The task: Reading the records below, count the lines in which the string "linetype" appears; write the number only.

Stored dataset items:
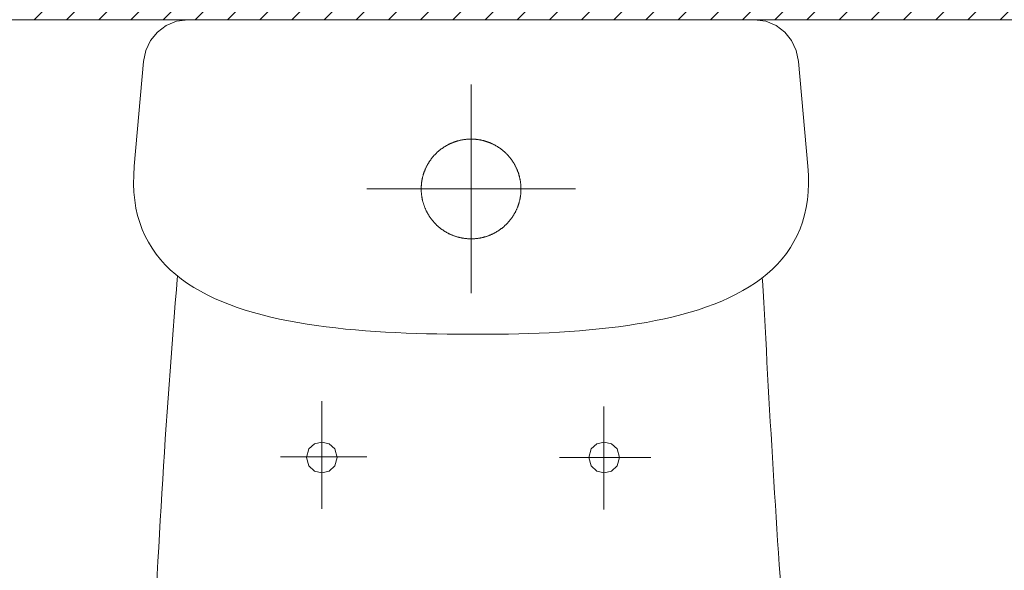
# Model space of a CAD drawing. Header units: inches. Extents: x 27484 to 71626, y -45113 to 39.
# Tile 86 of 256: x 34155 to 34209, y -31836 to -31806. Entities that reach past the tile are written whole.
import ezdxf

# ---------------------------------------------------------------- set-up
doc = ezdxf.new("R2010")
doc.units = ezdxf.units.IN
doc.header["$LTSCALE"] = 50
doc.header["$MEASUREMENT"] = 0
for name, color, linetype, lineweight in [('A-ARMATURA', 45, 'Continuous', 5), ('A-SCIANY', 5, 'Continuous', 18), ('A-ść. istn.', 8, 'Continuous', 0)]:
    doc.layers.add(name, color=color, linetype=linetype, lineweight=lineweight)

# ---------------------------------------------------------------- blocks, each defined once
blk = doc.blocks.new('A$C04280096')
at = {"layer": 'A-ARMATURA'}
for p, q in [((-161.82, -0.83), (-155.43, 0)), ((-155.43, 0), (155.43, 0)), ((155.43, 0), (161.82, -0.83)), ((-172.25, -6.79), (-167.48, -3.17)), ((-167.48, -3.17), (-161.82, -0.83)), ((161.82, -0.83), (167.48, -3.17)), ((167.48, -3.17), (172.25, -6.79)), ((-176, -11.46), (-172.25, -6.79)), ((172.25, -6.79), (176, -11.47)), ((-178.58, -16.96), (-176, -11.46)), ((176, -11.47), (178.58, -16.97)), ((-179.85, -23.06), (-178.58, -16.96)), ((178.58, -16.97), (179.85, -23.06)), ((-184.97, -80.5), (-179.85, -23.06)), ((179.85, -23.06), (184.97, -80.5)), ((0, -150.3), (0, -35.69)), ((-15.13, -70.16), (-15.37, -70.32)), ((-14.89, -70), (-15.13, -70.16)), ((-14.65, -69.84), (-14.89, -70)), ((-14.41, -69.69), (-14.65, -69.84)), ((-14.16, -69.54), (-14.41, -69.69)), ((-13.92, -69.39), (-14.16, -69.54)), ((-13.67, -69.25), (-13.92, -69.39)), ((-13.42, -69.11), (-13.67, -69.25)), ((-13.17, -68.97), (-13.42, -69.11)), ((-12.92, -68.83), (-13.17, -68.97)), ((-12.66, -68.7), (-12.92, -68.83)), ((-12.41, -68.57), (-12.66, -68.7)), ((-12.15, -68.44), (-12.41, -68.57)), ((-11.89, -68.31), (-12.15, -68.44)), ((-11.63, -68.19), (-11.89, -68.31)), ((-11.37, -68.07), (-11.63, -68.19)), ((-11.11, -67.95), (-11.37, -68.07)), ((-10.85, -67.84), (-11.11, -67.95)), ((-10.58, -67.72), (-10.85, -67.84)), ((-10.32, -67.62), (-10.58, -67.72)), ((-10.05, -67.51), (-10.32, -67.62)), ((-9.79, -67.4), (-10.05, -67.51)), ((-9.52, -67.3), (-9.79, -67.4)), ((-9.25, -67.21), (-9.52, -67.3)), ((-8.98, -67.11), (-9.25, -67.21)), ((-8.71, -67.02), (-8.98, -67.11)), ((-8.43, -66.93), (-8.71, -67.02)), ((-8.16, -66.84), (-8.43, -66.93)), ((-7.89, -66.76), (-8.16, -66.84)), ((-7.61, -66.68), (-7.89, -66.76)), ((-7.33, -66.6), (-7.61, -66.68)), ((-7.06, -66.52), (-7.33, -66.6)), ((-6.78, -66.45), (-7.06, -66.52)), ((-6.5, -66.38), (-6.78, -66.45)), ((-6.22, -66.31), (-6.5, -66.38)), ((-5.94, -66.25), (-6.22, -66.31)), ((-5.66, -66.19), (-5.94, -66.25)), ((-5.38, -66.13), (-5.66, -66.19)), ((-5.1, -66.08), (-5.38, -66.13)), ((-4.82, -66.02), (-5.1, -66.08)), ((-4.54, -65.97), (-4.82, -66.02)), ((-4.25, -65.93), (-4.54, -65.97)), ((-3.97, -65.89), (-4.25, -65.93)), ((-3.68, -65.85), (-3.97, -65.89)), ((-3.4, -65.81), (-3.68, -65.85)), ((-3.12, -65.77), (-3.4, -65.81)), ((-2.83, -65.74), (-3.12, -65.77)), ((-2.54, -65.72), (-2.83, -65.74)), ((-2.26, -65.69), (-2.54, -65.72)), ((-1.97, -65.67), (-2.26, -65.69)), ((-1.69, -65.65), (-1.97, -65.67)), ((-1.4, -65.63), (-1.69, -65.65)), ((-1.11, -65.62), (-1.4, -65.63)), ((-0.83, -65.61), (-1.11, -65.62)), ((-0.54, -65.6), (-0.83, -65.61)), ((-0.25, -65.6), (-0.54, -65.6)), ((0.03, -65.6), (-0.25, -65.6)), ((0.32, -65.6), (0.03, -65.6)), ((0.61, -65.6), (0.32, -65.6)), ((0.89, -65.61), (0.61, -65.6)), ((1.18, -65.62), (0.89, -65.61)), ((1.47, -65.64), (1.18, -65.62)), ((1.75, -65.65), (1.47, -65.64)), ((2.04, -65.67), (1.75, -65.65)), ((2.33, -65.7), (2.04, -65.67)), ((2.61, -65.72), (2.33, -65.7)), ((2.9, -65.75), (2.61, -65.72)), ((3.18, -65.78), (2.9, -65.75)), ((3.47, -65.82), (3.18, -65.78)), ((3.75, -65.86), (3.47, -65.82)), ((4.04, -65.9), (3.75, -65.86)), ((4.32, -65.94), (4.04, -65.9)), ((4.6, -65.99), (4.32, -65.94)), ((4.88, -66.04), (4.6, -65.99)), ((5.17, -66.09), (4.88, -66.04)), ((5.45, -66.14), (5.17, -66.09)), ((5.73, -66.2), (5.45, -66.14)), ((6.01, -66.26), (5.73, -66.2)), ((6.29, -66.33), (6.01, -66.26)), ((6.57, -66.4), (6.29, -66.33)), ((6.85, -66.47), (6.57, -66.4)), ((7.12, -66.54), (6.85, -66.47)), ((7.4, -66.62), (7.12, -66.54)), ((7.68, -66.69), (7.4, -66.62)), ((7.95, -66.78), (7.68, -66.69)), ((8.22, -66.86), (7.95, -66.78)), ((8.5, -66.95), (8.22, -66.86)), ((8.77, -67.04), (8.5, -66.95)), ((9.04, -67.13), (8.77, -67.04)), ((9.31, -67.23), (9.04, -67.13)), ((9.58, -67.33), (9.31, -67.23)), ((9.85, -67.43), (9.58, -67.33)), ((10.12, -67.53), (9.85, -67.43)), ((10.38, -67.64), (10.12, -67.53)), ((10.65, -67.75), (10.38, -67.64)), ((10.91, -67.86), (10.65, -67.75)), ((11.17, -67.98), (10.91, -67.86)), ((11.43, -68.1), (11.17, -67.98)), ((11.69, -68.22), (11.43, -68.1)), ((11.95, -68.34), (11.69, -68.22)), ((12.21, -68.47), (11.95, -68.34)), ((12.47, -68.6), (12.21, -68.47)), ((12.72, -68.73), (12.47, -68.6)), ((12.98, -68.86), (12.72, -68.73)), ((13.23, -69), (12.98, -68.86)), ((13.48, -69.14), (13.23, -69)), ((13.73, -69.28), (13.48, -69.14)), ((13.97, -69.43), (13.73, -69.28)), ((14.22, -69.58), (13.97, -69.43)), ((14.46, -69.73), (14.22, -69.58)), ((14.71, -69.88), (14.46, -69.73)), ((14.95, -70.03), (14.71, -69.88)), ((15.19, -70.19), (14.95, -70.03)), ((15.43, -70.35), (15.19, -70.19)), ((-21.09, -75.5), (-21.27, -75.73)), ((-20.9, -75.28), (-21.09, -75.5)), ((-20.72, -75.07), (-20.9, -75.28)), ((-20.53, -74.85), (-20.72, -75.07)), ((-20.34, -74.64), (-20.53, -74.85)), ((-20.14, -74.42), (-20.34, -74.64)), ((-19.95, -74.21), (-20.14, -74.42)), ((-19.75, -74.01), (-19.95, -74.21)), ((-19.55, -73.8), (-19.75, -74.01)), ((-19.35, -73.6), (-19.55, -73.8)), ((-19.14, -73.39), (-19.35, -73.6)), ((-18.94, -73.2), (-19.14, -73.39)), ((-18.73, -73), (-18.94, -73.2)), ((-18.52, -72.8), (-18.73, -73)), ((-18.31, -72.61), (-18.52, -72.8)), ((-18.09, -72.42), (-18.31, -72.61)), ((-17.87, -72.23), (-18.09, -72.42)), ((-17.66, -72.05), (-17.87, -72.23)), ((-17.44, -71.86), (-17.66, -72.05)), ((-17.21, -71.68), (-17.44, -71.86)), ((-16.99, -71.5), (-17.21, -71.68)), ((-16.76, -71.32), (-16.99, -71.5)), ((-16.54, -71.15), (-16.76, -71.32)), ((-16.31, -70.98), (-16.54, -71.15)), ((-16.08, -70.81), (-16.31, -70.98)), ((-15.84, -70.64), (-16.08, -70.81)), ((-15.61, -70.48), (-15.84, -70.64)), ((-15.37, -70.32), (-15.61, -70.48)), ((15.66, -70.52), (15.43, -70.35)), ((15.9, -70.68), (15.66, -70.52)), ((16.13, -70.85), (15.9, -70.68)), ((16.36, -71.02), (16.13, -70.85)), ((16.59, -71.19), (16.36, -71.02)), ((16.82, -71.37), (16.59, -71.19)), ((17.04, -71.54), (16.82, -71.37)), ((17.27, -71.72), (17.04, -71.54)), ((17.49, -71.91), (17.27, -71.72)), ((17.71, -72.09), (17.49, -71.91)), ((17.93, -72.28), (17.71, -72.09)), ((18.14, -72.46), (17.93, -72.28)), ((18.36, -72.66), (18.14, -72.46)), ((18.57, -72.85), (18.36, -72.66)), ((18.78, -73.04), (18.57, -72.85)), ((18.99, -73.24), (18.78, -73.04)), ((19.19, -73.44), (18.99, -73.24)), ((19.39, -73.64), (19.19, -73.44)), ((19.6, -73.85), (19.39, -73.64)), ((19.8, -74.05), (19.6, -73.85)), ((19.99, -74.26), (19.8, -74.05)), ((20.19, -74.47), (19.99, -74.26)), ((20.38, -74.69), (20.19, -74.47)), ((20.57, -74.9), (20.38, -74.69)), ((20.76, -75.12), (20.57, -74.9)), ((20.95, -75.33), (20.76, -75.12)), ((21.13, -75.56), (20.95, -75.33)), ((21.31, -75.78), (21.13, -75.56)), ((-185.28, -85.38), (-184.97, -80.5)), ((-24.65, -81.04), (-24.77, -81.3)), ((-24.52, -80.78), (-24.65, -81.04)), ((-24.39, -80.52), (-24.52, -80.78)), ((-24.26, -80.27), (-24.39, -80.52)), ((-24.13, -80.02), (-24.26, -80.27)), ((-23.99, -79.76), (-24.13, -80.02)), ((-23.85, -79.51), (-23.99, -79.76)), ((-23.71, -79.26), (-23.85, -79.51)), ((-23.56, -79.02), (-23.71, -79.26)), ((-23.42, -78.77), (-23.56, -79.02)), ((-23.27, -78.53), (-23.42, -78.77)), ((-23.11, -78.28), (-23.27, -78.53)), ((-22.96, -78.04), (-23.11, -78.28)), ((-22.8, -77.8), (-22.96, -78.04)), ((-22.64, -77.57), (-22.8, -77.8)), ((-22.48, -77.33), (-22.64, -77.57)), ((-22.31, -77.09), (-22.48, -77.33)), ((-22.14, -76.86), (-22.31, -77.09)), ((-21.97, -76.63), (-22.14, -76.86)), ((-21.8, -76.4), (-21.97, -76.63)), ((-21.63, -76.17), (-21.8, -76.4)), ((-21.45, -75.95), (-21.63, -76.17)), ((-21.27, -75.73), (-21.45, -75.95)), ((21.49, -76), (21.31, -75.78)), ((21.67, -76.23), (21.49, -76)), ((21.84, -76.46), (21.67, -76.23)), ((22.01, -76.69), (21.84, -76.46)), ((22.18, -76.92), (22.01, -76.69)), ((22.35, -77.15), (22.18, -76.92)), ((22.51, -77.38), (22.35, -77.15)), ((22.68, -77.62), (22.51, -77.38)), ((22.84, -77.86), (22.68, -77.62)), ((22.99, -78.1), (22.84, -77.86)), ((23.15, -78.34), (22.99, -78.1)), ((23.3, -78.58), (23.15, -78.34)), ((23.45, -78.83), (23.3, -78.58)), ((23.6, -79.08), (23.45, -78.83)), ((23.74, -79.32), (23.6, -79.08)), ((23.88, -79.57), (23.74, -79.32)), ((24.02, -79.82), (23.88, -79.57)), ((24.16, -80.08), (24.02, -79.82)), ((24.29, -80.33), (24.16, -80.08)), ((24.42, -80.58), (24.29, -80.33)), ((24.55, -80.84), (24.42, -80.58)), ((24.68, -81.1), (24.55, -80.84)), ((24.8, -81.36), (24.68, -81.1)), ((184.97, -80.5), (185.28, -85.44)), ((-185.34, -90.09), (-185.28, -85.38)), ((-26.6, -86.42), (-26.66, -86.7)), ((-26.53, -86.15), (-26.6, -86.42)), ((-26.45, -85.87), (-26.53, -86.15)), ((-26.38, -85.59), (-26.45, -85.87)), ((-26.3, -85.32), (-26.38, -85.59)), ((-26.22, -85.04), (-26.3, -85.32)), ((-26.13, -84.77), (-26.22, -85.04)), ((-26.04, -84.49), (-26.13, -84.77)), ((-25.95, -84.22), (-26.04, -84.49)), ((-25.86, -83.95), (-25.95, -84.22)), ((-25.76, -83.68), (-25.86, -83.95)), ((-25.67, -83.41), (-25.76, -83.68)), ((-25.56, -83.14), (-25.67, -83.41)), ((-25.46, -82.88), (-25.56, -83.14)), ((-25.35, -82.61), (-25.46, -82.88)), ((-25.24, -82.34), (-25.35, -82.61)), ((-25.13, -82.08), (-25.24, -82.34)), ((-25.01, -81.82), (-25.13, -82.08)), ((-24.89, -81.56), (-25.01, -81.82)), ((-24.77, -81.3), (-24.89, -81.56)), ((24.92, -81.62), (24.8, -81.36)), ((25.04, -81.88), (24.92, -81.62)), ((25.16, -82.14), (25.04, -81.88)), ((25.27, -82.41), (25.16, -82.14)), ((25.38, -82.67), (25.27, -82.41)), ((25.48, -82.94), (25.38, -82.67)), ((25.59, -83.21), (25.48, -82.94)), ((25.69, -83.47), (25.59, -83.21)), ((25.79, -83.74), (25.69, -83.47)), ((25.88, -84.01), (25.79, -83.74)), ((25.98, -84.29), (25.88, -84.01)), ((26.07, -84.56), (25.98, -84.29)), ((26.15, -84.83), (26.07, -84.56)), ((26.24, -85.11), (26.15, -84.83)), ((26.32, -85.38), (26.24, -85.11)), ((26.4, -85.66), (26.32, -85.38)), ((26.47, -85.93), (26.4, -85.66)), ((26.54, -86.21), (26.47, -85.93)), ((26.61, -86.49), (26.54, -86.21)), ((26.68, -86.77), (26.61, -86.49)), ((185.28, -85.44), (185.34, -90.2)), ((-185.15, -94.62), (-185.34, -90.09)), ((-27.37, -91.81), (-27.38, -92.1)), ((-27.36, -91.52), (-27.37, -91.81)), ((-27.34, -91.24), (-27.36, -91.52)), ((-27.32, -90.95), (-27.34, -91.24)), ((-27.3, -90.67), (-27.32, -90.95)), ((-27.27, -90.38), (-27.3, -90.67)), ((-27.24, -90.09), (-27.27, -90.38)), ((-27.21, -89.81), (-27.24, -90.09)), ((-27.18, -89.52), (-27.21, -89.81)), ((-27.14, -89.24), (-27.18, -89.52)), ((-27.1, -88.96), (-27.14, -89.24)), ((-27.05, -88.67), (-27.1, -88.96)), ((-27.01, -88.39), (-27.05, -88.67)), ((-26.96, -88.11), (-27.01, -88.39)), ((-26.9, -87.82), (-26.96, -88.11)), ((-26.85, -87.54), (-26.9, -87.82)), ((-26.79, -87.26), (-26.85, -87.54)), ((-26.73, -86.98), (-26.79, -87.26)), ((-26.66, -86.7), (-26.73, -86.98)), ((26.74, -87.05), (26.68, -86.77)), ((26.8, -87.33), (26.74, -87.05)), ((26.86, -87.61), (26.8, -87.33)), ((26.92, -87.89), (26.86, -87.61)), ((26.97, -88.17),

Written response: 2